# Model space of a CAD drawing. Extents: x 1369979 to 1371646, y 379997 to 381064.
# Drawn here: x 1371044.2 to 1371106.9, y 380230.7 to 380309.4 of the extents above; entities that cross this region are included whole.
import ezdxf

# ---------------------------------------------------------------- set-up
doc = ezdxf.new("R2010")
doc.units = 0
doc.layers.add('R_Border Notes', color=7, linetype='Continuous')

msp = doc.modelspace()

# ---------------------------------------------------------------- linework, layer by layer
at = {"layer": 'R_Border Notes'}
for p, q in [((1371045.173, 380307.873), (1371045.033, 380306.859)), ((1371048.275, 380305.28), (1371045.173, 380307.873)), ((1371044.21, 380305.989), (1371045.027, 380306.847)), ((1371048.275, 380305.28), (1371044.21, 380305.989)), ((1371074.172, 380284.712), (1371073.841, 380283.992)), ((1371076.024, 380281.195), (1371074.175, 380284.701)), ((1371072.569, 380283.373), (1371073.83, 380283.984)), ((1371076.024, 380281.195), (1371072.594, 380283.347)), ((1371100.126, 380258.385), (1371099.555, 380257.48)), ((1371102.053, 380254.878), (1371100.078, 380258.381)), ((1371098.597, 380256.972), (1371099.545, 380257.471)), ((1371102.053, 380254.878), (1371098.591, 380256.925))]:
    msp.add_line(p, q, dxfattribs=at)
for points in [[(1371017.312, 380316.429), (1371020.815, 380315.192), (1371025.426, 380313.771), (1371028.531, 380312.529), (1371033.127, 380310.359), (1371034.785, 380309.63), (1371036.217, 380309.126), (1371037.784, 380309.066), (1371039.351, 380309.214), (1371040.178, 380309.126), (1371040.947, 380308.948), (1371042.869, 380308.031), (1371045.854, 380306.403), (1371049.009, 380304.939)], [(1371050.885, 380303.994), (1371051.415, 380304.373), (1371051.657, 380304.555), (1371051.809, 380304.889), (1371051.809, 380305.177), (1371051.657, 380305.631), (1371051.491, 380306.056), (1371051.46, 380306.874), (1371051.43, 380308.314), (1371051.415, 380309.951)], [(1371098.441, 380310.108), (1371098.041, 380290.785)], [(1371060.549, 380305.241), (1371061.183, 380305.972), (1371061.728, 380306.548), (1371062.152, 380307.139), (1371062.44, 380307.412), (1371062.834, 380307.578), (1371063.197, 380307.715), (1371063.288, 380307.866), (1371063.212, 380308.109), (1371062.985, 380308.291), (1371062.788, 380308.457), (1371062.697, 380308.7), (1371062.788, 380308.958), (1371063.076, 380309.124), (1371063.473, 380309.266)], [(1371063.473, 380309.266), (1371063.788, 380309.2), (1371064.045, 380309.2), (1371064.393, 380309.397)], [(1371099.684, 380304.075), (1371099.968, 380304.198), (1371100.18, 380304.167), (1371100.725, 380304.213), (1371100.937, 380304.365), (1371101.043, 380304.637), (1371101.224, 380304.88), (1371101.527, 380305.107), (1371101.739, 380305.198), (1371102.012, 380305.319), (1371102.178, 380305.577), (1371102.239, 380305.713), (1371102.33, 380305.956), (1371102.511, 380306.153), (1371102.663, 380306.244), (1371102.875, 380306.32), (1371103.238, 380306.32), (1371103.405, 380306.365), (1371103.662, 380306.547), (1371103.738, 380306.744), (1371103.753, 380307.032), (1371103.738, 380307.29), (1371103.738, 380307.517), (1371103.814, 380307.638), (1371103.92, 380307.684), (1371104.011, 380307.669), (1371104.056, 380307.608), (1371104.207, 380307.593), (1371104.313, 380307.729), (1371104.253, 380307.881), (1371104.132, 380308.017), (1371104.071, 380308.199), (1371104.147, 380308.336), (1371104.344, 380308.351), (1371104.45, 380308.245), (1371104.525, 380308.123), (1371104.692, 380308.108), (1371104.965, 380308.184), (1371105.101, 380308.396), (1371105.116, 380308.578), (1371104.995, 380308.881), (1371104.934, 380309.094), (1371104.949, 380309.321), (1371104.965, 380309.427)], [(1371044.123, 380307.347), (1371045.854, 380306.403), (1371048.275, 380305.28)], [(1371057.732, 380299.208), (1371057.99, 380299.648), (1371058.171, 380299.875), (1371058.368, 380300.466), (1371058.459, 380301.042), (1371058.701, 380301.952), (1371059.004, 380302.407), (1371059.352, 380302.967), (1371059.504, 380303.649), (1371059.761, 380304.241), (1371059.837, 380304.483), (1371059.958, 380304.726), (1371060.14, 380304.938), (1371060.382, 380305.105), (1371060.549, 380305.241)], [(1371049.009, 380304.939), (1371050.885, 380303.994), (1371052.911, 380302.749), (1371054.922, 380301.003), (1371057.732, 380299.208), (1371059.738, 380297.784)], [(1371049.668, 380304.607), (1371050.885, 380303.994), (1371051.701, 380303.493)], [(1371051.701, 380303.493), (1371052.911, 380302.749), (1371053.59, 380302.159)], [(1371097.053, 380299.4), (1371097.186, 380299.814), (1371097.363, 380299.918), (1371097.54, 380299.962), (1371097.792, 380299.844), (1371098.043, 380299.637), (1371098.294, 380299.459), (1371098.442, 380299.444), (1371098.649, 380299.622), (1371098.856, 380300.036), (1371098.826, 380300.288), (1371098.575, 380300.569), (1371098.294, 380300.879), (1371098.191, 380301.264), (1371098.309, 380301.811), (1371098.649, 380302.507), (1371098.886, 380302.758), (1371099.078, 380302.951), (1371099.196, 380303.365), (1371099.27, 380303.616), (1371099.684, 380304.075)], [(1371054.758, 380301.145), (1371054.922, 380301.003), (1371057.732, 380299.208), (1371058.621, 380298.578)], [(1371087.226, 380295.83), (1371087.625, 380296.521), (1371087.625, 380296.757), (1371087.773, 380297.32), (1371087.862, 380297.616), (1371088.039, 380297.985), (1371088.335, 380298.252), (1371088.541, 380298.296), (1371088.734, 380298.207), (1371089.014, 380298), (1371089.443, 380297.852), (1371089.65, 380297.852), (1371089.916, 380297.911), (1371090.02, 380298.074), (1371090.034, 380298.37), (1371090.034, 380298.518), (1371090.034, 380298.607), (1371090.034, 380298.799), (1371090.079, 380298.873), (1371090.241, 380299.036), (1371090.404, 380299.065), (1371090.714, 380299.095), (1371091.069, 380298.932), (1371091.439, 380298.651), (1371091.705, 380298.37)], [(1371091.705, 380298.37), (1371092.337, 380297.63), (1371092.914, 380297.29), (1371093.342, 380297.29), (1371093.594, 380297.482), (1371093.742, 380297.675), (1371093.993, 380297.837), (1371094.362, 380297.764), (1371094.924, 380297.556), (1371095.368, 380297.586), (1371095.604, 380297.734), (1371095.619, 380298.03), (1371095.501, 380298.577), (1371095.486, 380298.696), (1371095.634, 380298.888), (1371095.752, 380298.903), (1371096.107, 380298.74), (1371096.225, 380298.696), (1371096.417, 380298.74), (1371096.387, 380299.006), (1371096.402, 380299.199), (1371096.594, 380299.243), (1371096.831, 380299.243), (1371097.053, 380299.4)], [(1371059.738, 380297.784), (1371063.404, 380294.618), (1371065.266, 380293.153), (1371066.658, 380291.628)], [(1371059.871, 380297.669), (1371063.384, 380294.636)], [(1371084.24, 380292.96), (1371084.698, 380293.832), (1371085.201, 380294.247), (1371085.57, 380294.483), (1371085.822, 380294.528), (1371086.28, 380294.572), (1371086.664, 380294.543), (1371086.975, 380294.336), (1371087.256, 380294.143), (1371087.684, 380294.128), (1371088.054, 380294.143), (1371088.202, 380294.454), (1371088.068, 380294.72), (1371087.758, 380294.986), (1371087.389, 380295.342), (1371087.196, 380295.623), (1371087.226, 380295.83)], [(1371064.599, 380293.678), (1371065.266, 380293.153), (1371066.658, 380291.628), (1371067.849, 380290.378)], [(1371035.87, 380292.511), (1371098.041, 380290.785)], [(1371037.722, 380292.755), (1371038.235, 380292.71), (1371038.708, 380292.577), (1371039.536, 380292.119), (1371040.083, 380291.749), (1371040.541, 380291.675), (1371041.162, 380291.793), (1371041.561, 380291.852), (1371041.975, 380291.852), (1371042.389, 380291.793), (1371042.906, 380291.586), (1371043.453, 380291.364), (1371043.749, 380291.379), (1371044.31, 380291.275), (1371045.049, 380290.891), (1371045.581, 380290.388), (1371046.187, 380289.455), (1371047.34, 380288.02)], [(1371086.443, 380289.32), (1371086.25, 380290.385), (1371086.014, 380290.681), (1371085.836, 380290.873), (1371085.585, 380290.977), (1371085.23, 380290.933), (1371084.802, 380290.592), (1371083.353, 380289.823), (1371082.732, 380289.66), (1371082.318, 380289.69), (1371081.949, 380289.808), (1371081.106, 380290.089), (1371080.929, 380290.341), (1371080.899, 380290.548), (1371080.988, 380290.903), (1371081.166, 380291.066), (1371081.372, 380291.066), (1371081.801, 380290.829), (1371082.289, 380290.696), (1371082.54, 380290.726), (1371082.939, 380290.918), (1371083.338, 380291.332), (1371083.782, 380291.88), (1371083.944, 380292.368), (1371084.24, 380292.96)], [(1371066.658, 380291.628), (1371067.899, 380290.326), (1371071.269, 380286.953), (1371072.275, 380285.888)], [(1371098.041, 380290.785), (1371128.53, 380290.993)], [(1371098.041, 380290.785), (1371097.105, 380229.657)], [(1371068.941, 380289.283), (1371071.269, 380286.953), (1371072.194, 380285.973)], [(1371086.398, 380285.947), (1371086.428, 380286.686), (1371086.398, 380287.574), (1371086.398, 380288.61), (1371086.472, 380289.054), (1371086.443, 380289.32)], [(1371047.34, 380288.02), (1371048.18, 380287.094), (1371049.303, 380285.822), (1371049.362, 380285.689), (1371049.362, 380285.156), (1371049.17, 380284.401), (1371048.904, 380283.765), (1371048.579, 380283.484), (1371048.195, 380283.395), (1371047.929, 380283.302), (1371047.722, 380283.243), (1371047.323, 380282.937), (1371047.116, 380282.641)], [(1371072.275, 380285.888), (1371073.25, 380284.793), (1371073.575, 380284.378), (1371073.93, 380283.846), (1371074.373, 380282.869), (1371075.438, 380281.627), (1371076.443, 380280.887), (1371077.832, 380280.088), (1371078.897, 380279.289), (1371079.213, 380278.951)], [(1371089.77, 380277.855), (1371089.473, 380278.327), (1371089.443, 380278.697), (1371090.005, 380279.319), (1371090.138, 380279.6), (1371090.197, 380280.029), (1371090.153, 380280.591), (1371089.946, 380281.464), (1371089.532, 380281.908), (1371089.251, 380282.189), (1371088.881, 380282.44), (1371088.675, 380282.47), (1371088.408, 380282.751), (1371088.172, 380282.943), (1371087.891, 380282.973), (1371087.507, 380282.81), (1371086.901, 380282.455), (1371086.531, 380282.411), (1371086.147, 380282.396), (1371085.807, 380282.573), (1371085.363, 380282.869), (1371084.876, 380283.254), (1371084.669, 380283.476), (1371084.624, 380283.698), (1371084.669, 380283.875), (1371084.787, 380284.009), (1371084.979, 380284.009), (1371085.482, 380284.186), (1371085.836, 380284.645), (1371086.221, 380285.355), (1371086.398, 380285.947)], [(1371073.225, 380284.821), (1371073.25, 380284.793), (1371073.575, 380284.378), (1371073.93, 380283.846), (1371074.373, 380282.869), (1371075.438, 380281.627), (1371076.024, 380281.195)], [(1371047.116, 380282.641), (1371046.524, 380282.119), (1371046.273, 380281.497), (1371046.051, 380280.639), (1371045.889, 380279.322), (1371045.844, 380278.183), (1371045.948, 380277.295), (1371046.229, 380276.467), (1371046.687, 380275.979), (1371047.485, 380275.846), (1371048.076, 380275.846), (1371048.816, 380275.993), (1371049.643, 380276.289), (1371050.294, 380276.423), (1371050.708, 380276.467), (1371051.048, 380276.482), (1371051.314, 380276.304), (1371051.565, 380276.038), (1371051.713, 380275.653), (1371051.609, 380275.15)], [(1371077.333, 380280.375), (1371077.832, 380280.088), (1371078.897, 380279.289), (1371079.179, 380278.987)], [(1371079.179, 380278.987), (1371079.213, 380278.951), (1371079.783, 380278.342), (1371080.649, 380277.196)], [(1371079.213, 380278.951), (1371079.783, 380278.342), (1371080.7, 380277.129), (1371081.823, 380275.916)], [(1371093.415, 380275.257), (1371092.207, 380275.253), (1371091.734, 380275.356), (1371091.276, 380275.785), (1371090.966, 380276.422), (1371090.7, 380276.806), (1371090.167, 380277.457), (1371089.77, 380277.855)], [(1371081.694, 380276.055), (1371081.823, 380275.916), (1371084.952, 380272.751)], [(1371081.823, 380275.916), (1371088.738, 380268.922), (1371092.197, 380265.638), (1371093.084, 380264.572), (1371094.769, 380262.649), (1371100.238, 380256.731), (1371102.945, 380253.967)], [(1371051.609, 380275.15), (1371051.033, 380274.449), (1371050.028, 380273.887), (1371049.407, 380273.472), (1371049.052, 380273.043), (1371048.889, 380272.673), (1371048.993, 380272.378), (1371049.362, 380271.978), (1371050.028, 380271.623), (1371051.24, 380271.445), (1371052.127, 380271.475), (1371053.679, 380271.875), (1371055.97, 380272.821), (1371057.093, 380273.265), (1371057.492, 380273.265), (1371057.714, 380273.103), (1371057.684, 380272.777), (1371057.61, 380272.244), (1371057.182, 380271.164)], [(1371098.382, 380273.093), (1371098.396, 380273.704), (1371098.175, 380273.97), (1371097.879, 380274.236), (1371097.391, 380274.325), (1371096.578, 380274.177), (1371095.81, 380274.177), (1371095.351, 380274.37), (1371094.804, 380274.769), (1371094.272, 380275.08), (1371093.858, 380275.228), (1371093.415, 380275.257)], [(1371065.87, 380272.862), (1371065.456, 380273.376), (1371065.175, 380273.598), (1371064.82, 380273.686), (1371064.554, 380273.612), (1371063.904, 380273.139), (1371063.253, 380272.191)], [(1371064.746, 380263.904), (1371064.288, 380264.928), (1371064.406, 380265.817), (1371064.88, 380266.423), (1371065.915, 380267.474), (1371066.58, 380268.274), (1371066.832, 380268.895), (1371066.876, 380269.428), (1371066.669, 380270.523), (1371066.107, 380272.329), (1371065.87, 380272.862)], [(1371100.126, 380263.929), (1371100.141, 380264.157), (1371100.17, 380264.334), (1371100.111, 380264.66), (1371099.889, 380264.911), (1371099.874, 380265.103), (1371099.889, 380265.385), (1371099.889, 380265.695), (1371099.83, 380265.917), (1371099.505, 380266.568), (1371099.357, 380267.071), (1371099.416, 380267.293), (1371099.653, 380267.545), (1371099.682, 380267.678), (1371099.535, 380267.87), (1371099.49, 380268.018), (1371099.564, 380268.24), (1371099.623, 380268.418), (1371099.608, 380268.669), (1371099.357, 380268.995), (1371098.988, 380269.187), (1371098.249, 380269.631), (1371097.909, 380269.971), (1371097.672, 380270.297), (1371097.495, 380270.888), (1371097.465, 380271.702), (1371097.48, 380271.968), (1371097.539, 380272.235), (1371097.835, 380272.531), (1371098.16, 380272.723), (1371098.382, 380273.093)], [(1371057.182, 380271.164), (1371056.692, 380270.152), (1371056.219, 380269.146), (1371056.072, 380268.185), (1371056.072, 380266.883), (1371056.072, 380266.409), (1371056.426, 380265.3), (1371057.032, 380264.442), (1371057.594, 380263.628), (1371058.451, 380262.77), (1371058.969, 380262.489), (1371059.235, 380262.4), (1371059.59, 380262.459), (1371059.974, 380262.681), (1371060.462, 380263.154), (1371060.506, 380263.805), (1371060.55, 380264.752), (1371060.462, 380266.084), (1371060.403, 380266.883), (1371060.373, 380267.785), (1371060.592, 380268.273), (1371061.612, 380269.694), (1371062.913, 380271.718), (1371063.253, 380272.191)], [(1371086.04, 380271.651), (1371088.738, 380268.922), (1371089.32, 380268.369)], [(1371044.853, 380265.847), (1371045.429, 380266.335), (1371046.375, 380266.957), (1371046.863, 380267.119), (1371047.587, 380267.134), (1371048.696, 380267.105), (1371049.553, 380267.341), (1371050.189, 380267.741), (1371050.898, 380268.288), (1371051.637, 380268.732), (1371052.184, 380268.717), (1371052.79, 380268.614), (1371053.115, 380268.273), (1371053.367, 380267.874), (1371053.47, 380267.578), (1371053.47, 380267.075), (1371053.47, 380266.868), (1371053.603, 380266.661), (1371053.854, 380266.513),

▸ **REQUIRED ACTION**
The string "Notes" shows up in some lines of the listing. Copy each such line.

▸ **PROBLEM SOLUTION**
doc.layers.add('R_Border Notes', color=7, linetype='Continuous')
at = {"layer": 'R_Border Notes'}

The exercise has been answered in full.